The Zeppole di San Giuseppe are the typical dessert for Father’s Day, celebrated on March 19th, the day of Saint Joseph, but due to their deliciousness, we can prepare them any time of the year.
They are soft choux pastry donuts baked or fried, filled with custard and garnished with syruped sour cherries and a sprinkle of powdered sugar.
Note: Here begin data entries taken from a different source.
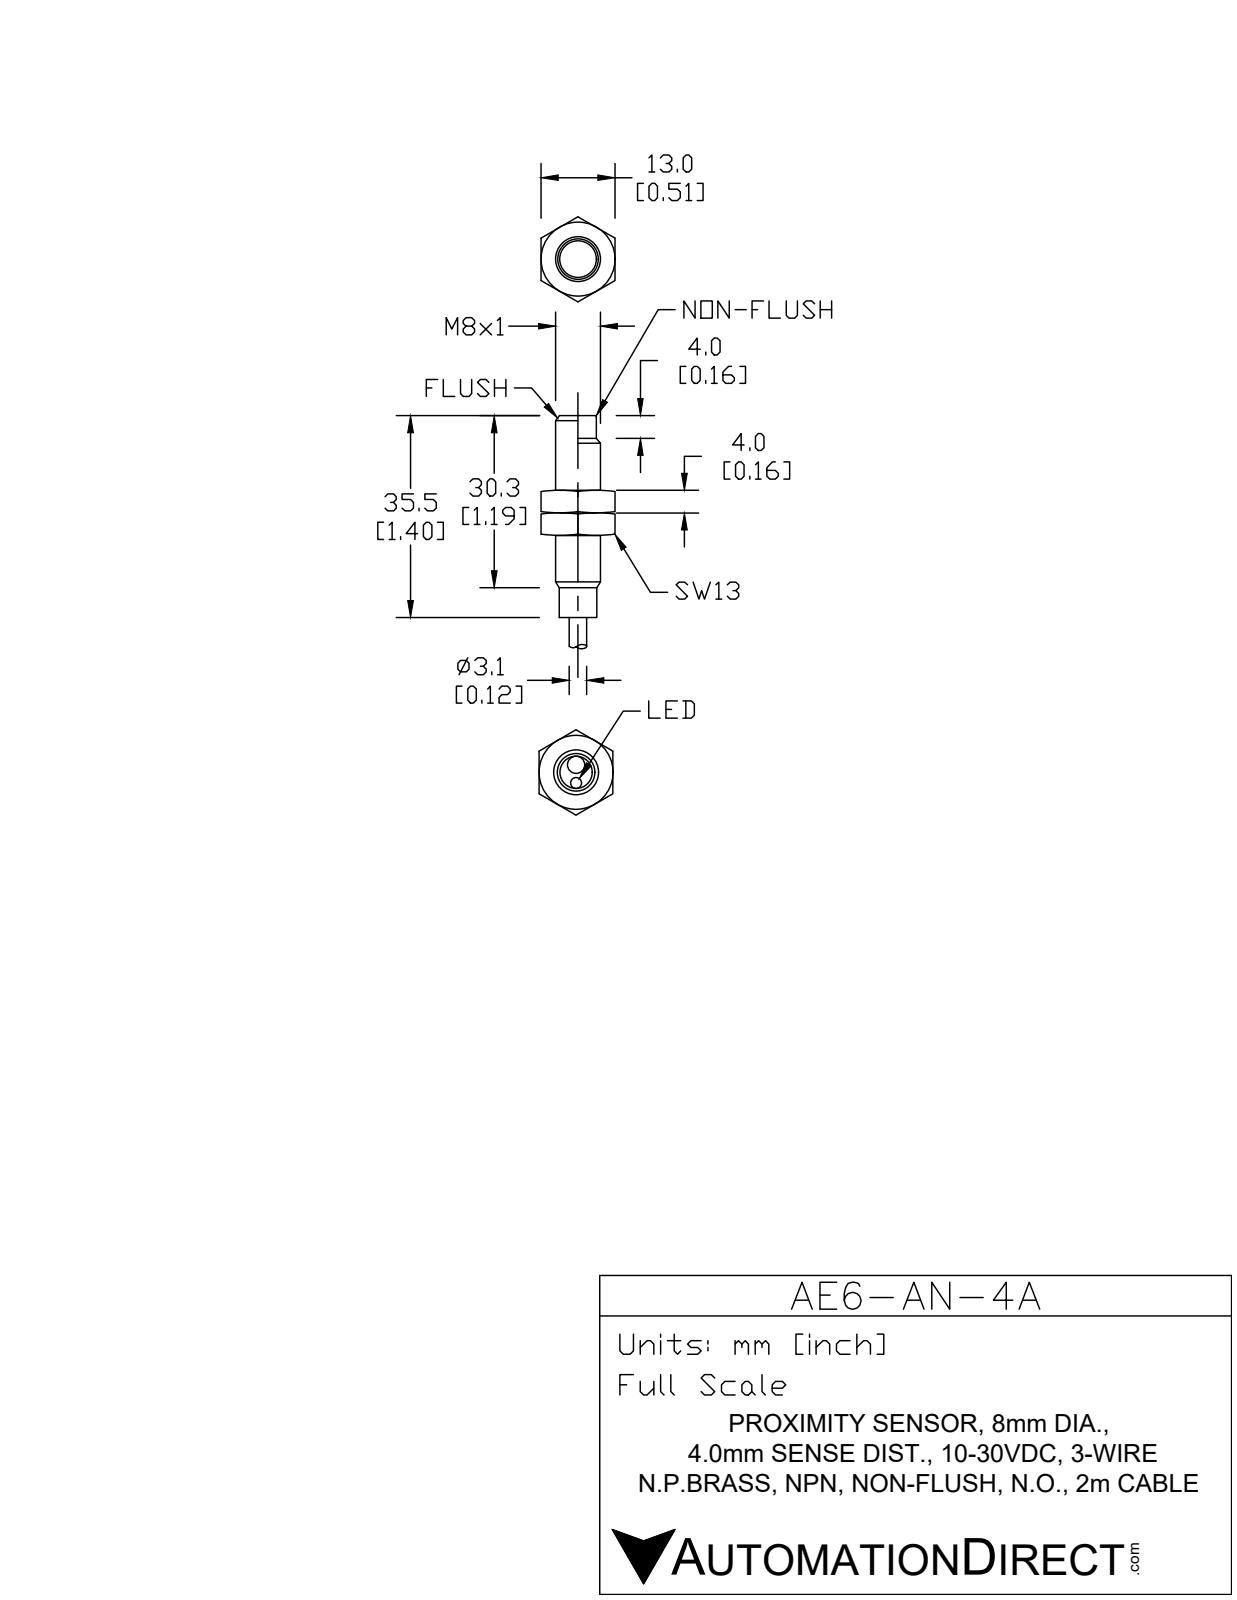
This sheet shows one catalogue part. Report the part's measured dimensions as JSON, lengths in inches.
{"part_name": "AE6-AN-4A", "step_written_by": "SolidWorks 2017 (AUTOMOTIVE_DESIGN)", "units": "inches", "bodies": {"solids": 4, "faces": 30, "planar": 10, "cylindrical": 12, "other": 8}, "overall_size": [2.933, 0.315, 0.315], "volume_in3": 0.116, "surface_area_in2": 2.281, "round_holes": [[0.122, 1], [0.228, 1]], "round_bosses_or_shafts": [[0.315, 1], [0.256, 1], [0.254, 1]], "face_to_face_distances": [1.031, 0.157, 1.189, 1.378, 1.22, 0.189, 0.02, 1.358, 1.201, 0.169], "hole_center_spacings": [0.045]}
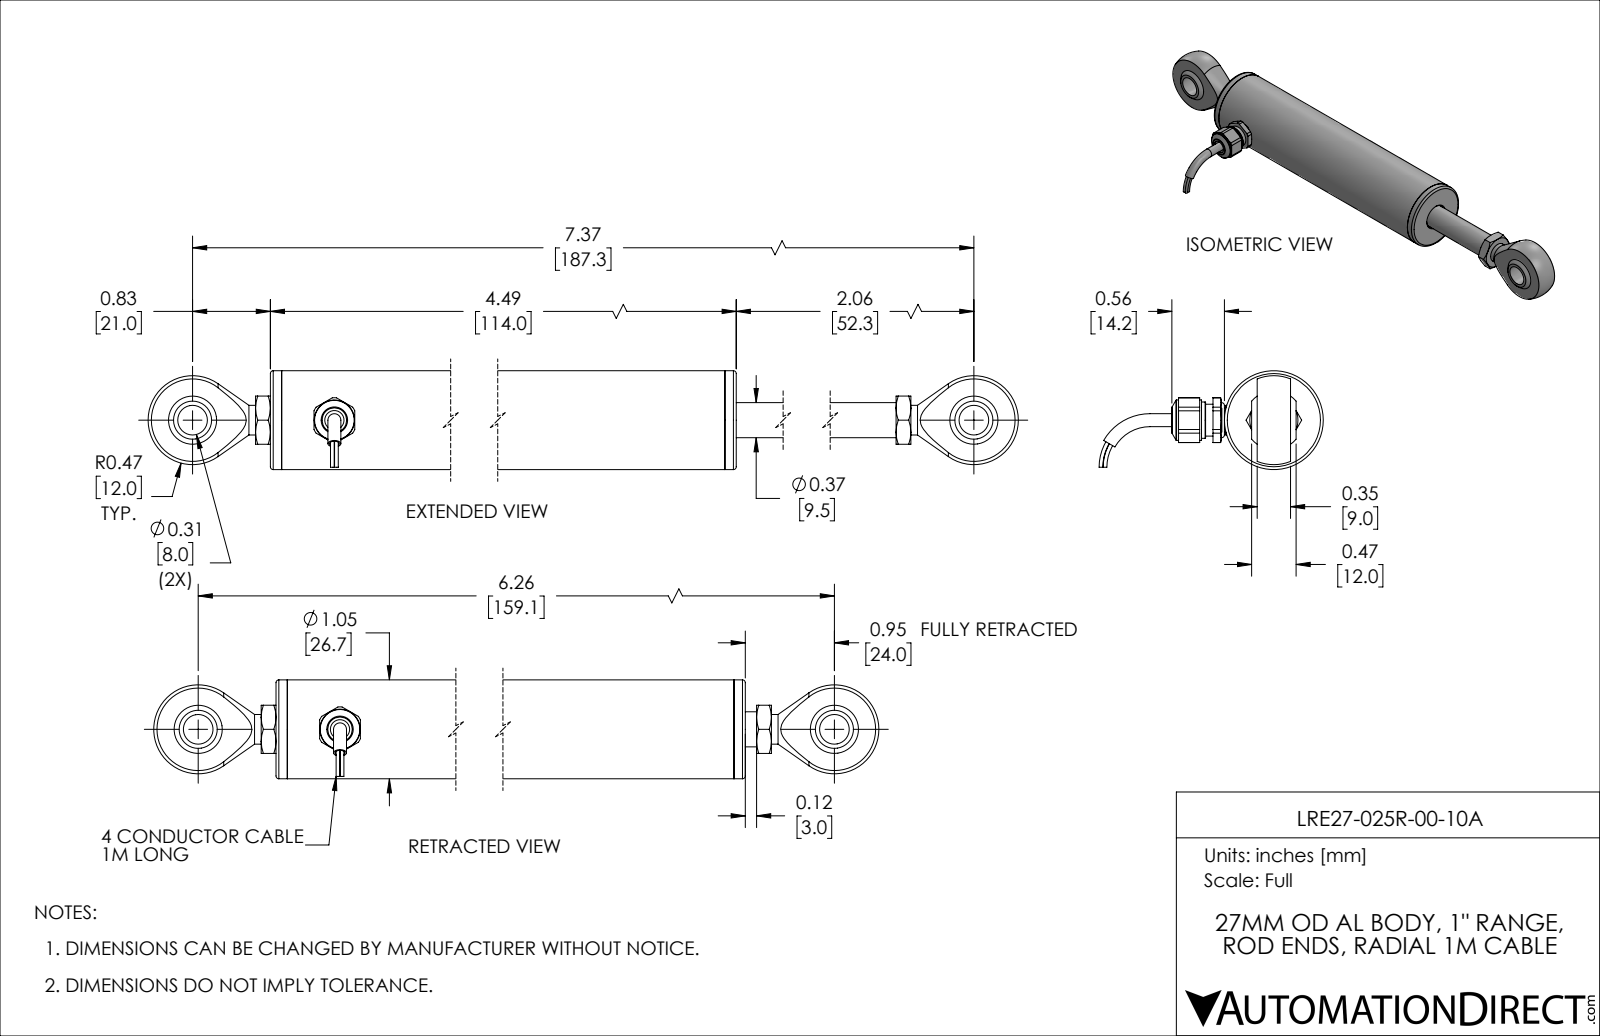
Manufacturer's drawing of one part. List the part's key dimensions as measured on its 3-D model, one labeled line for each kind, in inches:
Part name (STEP PRODUCT): LRE27-025R-00-10A
STEP written by: SolidWorks 2019 (AUTOMOTIVE_DESIGN)
Units: inches
Bodies: 17 solids, 227 faces (82 planar, 55 cylindrical, 90 other)
Overall size (bounding box): 7.208 × 2.382 × 1.05
Volume: 2.856 in³ · Surface area: 56.99 in²
Round holes (diameter × count): ⌀0.268 ×2, ⌀0.106 ×1, ⌀0.138 ×1, ⌀0.201 ×1, ⌀0.205 ×1, ⌀0.274 ×1, ⌀0.36 ×1, ⌀0.375 ×1, ⌀0.386 ×1, ⌀0.499 ×1, ⌀0.825 ×1, ⌀0.851 ×1
Round bosses / shafts (diameter × count): ⌀0.315 ×4, ⌀0.039 ×4, ⌀1.05 ×1, ⌀0.848 ×1, ⌀0.5 ×1, ⌀0.429 ×1, ⌀0.386 ×1, ⌀0.373 ×1
Partial cylindrical surfaces — rounded edges, fillets, slot ends (radius × count): R0.238 ×1
Main face-to-face distances: 0.12, 4.37, 0.354, 4.49, 4.25, 0.4, 0.28, 3.97, 4.09, 0.157

In my case, since I don’t like sour cherries much, I garnished them with cream and dark chocolate shavings 😋.
Below, I leave you some delicious zeppole recipes 😉⬇️
- Difficulty: Medium
- Cost: Medium
- Preparation time: 1 Hour
- Portions: About 20 zeppole
- Cooking methods: Oven
- Cuisine: Italian
Ingredients for about 20 zeppole
- 2 cups water
- 1/2 cup butter
- 4 cups all-purpose flour
- 6 eggs
- 1 tsp salt
- 4 egg yolks
- 1 1/2 cups sugar
- 1 3/4 cups flour
- 4 1/4 cups milk
- 1 packet vanillin
- lemon zest
- to taste dark chocolate shavings
- to taste powdered sugar
ZEPPOLE DI SAN GIUSEPPE
ZEPPOLE DI SAN GIUSEPPE
Let’s prepare the choux pastry for the zeppole.
In a pot, boil the water with the butter and the salt.
When the butter has melted, pour the flour all at once and stir until all the water dries up and the dough detaches from the sides of the pot.
Turn off the heat and let the dough cool in a bowl for a few minutes.
Add the eggs one at a time, it is important to incorporate one egg at a time, stirring with a wooden spoon.
Place the mixture in a piping bag with a star nozzle and form the zeppole, making a circle, or rather a spiral closed inwards, on a baking sheet covered with parchment paper.
The zeppole should be baked in a hot oven at 350°F until they detach from the bottom of the pan with a spatula and take on a golden color.
Heat the milk without bringing it to a boil.
Separately, beat the egg yolks with the sugar until they are nice and frothy, then incorporate the flour.
Begin to pour the milk, which must be hot but not boiling, over the egg mixture while stirring vigorously and cook until the cream thickens. At the end of cooking, add the vanillin (an alternative to the vanilla bean)
Transfer it to a bowl, cover it with cling film in contact, to prevent the surface from hardening, thus creating bothersome lumps, and let cool.
Take the zeppole and the cream.
With a whisk, make the custard smooth again and transfer it to a piping bag with a star nozzle.
Dust the zeppole generously with powdered sugar and, with the piping bag, make a swirl of cream. Finish with a sour cherry for each zeppola di San Giuseppe or, as in my case, with dark chocolate shavings.
Serve immediately. They can be stored in the fridge for up to two days.